EXERCISE GOAL:
When copying the records below, keep every word as it is and drop the images.
★ ★ ★ ★ ★ ★ ★
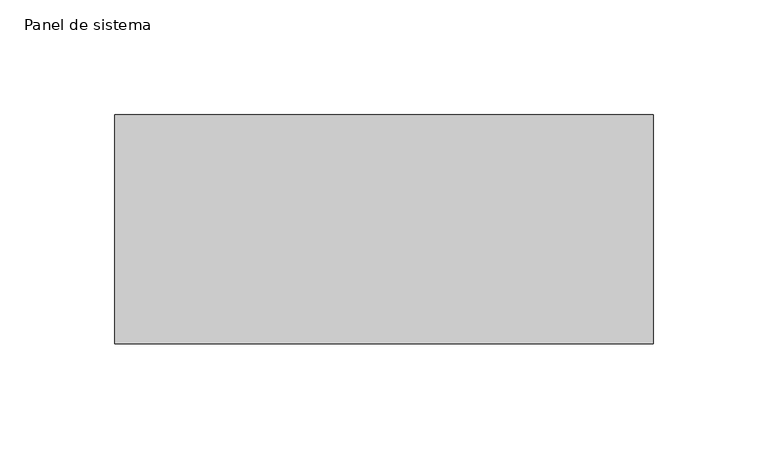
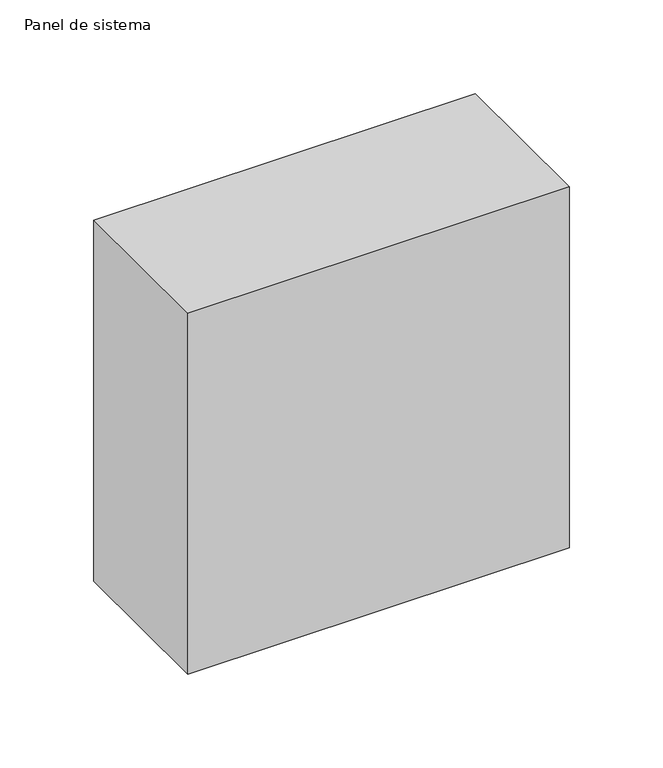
"""IFC4 building model written with IfcOpenShell, lengths in millimetres: plate geometry, Panel de sistema : PAVES."""

from ifc_helpers import new_model, si_unit, origin, origin_with_axes, place, context, project, spatial, polyline, outline, extrude, source, transform, mapped, element, save


def panel_de_sistema_6b14c2df(model_context):
    return source(origin(), model_context, "Body", "SweptSolid", [
        extrude(outline(polyline([(117.5, -50.0), (-117.5, -50.0), (-117.5, 50.0), (117.5, 50.0), (117.5, -50.0)])), origin_with_axes(), (0.0, 0.0, 1.0), 235.0),
    ])


if __name__ == "__main__":
    model = new_model("IFC4")
    model_context = context("Model", 3, world=origin())
    ifc_project = project(units=[si_unit("LENGTHUNIT", "METRE", prefix="MILLI")], contexts=[model_context])
    site = spatial("IfcSite", under=ifc_project)
    building = spatial("IfcBuilding", under=site)
    placement = place(None, origin())
    panel_de_sistema_shape = panel_de_sistema_6b14c2df(model_context)
    element("IfcPlate", 1, ObjectType="Panel de sistema : PAVES", at=placement, inside=building, context=model_context, shape_type="MappedRepresentation", body=[
        mapped(panel_de_sistema_shape, transform((0.0, 0.0, 0.0), x_axis=(1.0, 0.0, 0.0), y_axis=(0.0, 1.0, 0.0), z_axis=(0.0, 0.0, 1.0))),
    ])
    save(model, "model.ifc")
★ ★ ★ ★ ★ ★ ★
ANSWER TO THIS PROBLEM:
"""IFC4 building model written with IfcOpenShell, lengths in millimetres: plate geometry, Panel de sistema : PAVES."""

from ifc_helpers import new_model, si_unit, origin, origin_with_axes, place, context, project, spatial, polyline, outline, extrude, source, transform, mapped, element, save


def panel_de_sistema_6b14c2df(model_context):
    return source(origin(), model_context, "Body", "SweptSolid", [
        extrude(outline(polyline([(117.5, -50.0), (-117.5, -50.0), (-117.5, 50.0), (117.5, 50.0), (117.5, -50.0)])), origin_with_axes(), (0.0, 0.0, 1.0), 235.0),
    ])


if __name__ == "__main__":
    model = new_model("IFC4")
    model_context = context("Model", 3, world=origin())
    ifc_project = project(units=[si_unit("LENGTHUNIT", "METRE", prefix="MILLI")], contexts=[model_context])
    site = spatial("IfcSite", under=ifc_project)
    building = spatial("IfcBuilding", under=site)
    placement = place(None, origin())
    panel_de_sistema_shape = panel_de_sistema_6b14c2df(model_context)
    element("IfcPlate", 1, ObjectType="Panel de sistema : PAVES", at=placement, inside=building, context=model_context, shape_type="MappedRepresentation", body=[
        mapped(panel_de_sistema_shape, transform((0.0, 0.0, 0.0), x_axis=(1.0, 0.0, 0.0), y_axis=(0.0, 1.0, 0.0), z_axis=(0.0, 0.0, 1.0))),
    ])
    save(model, "model.ifc")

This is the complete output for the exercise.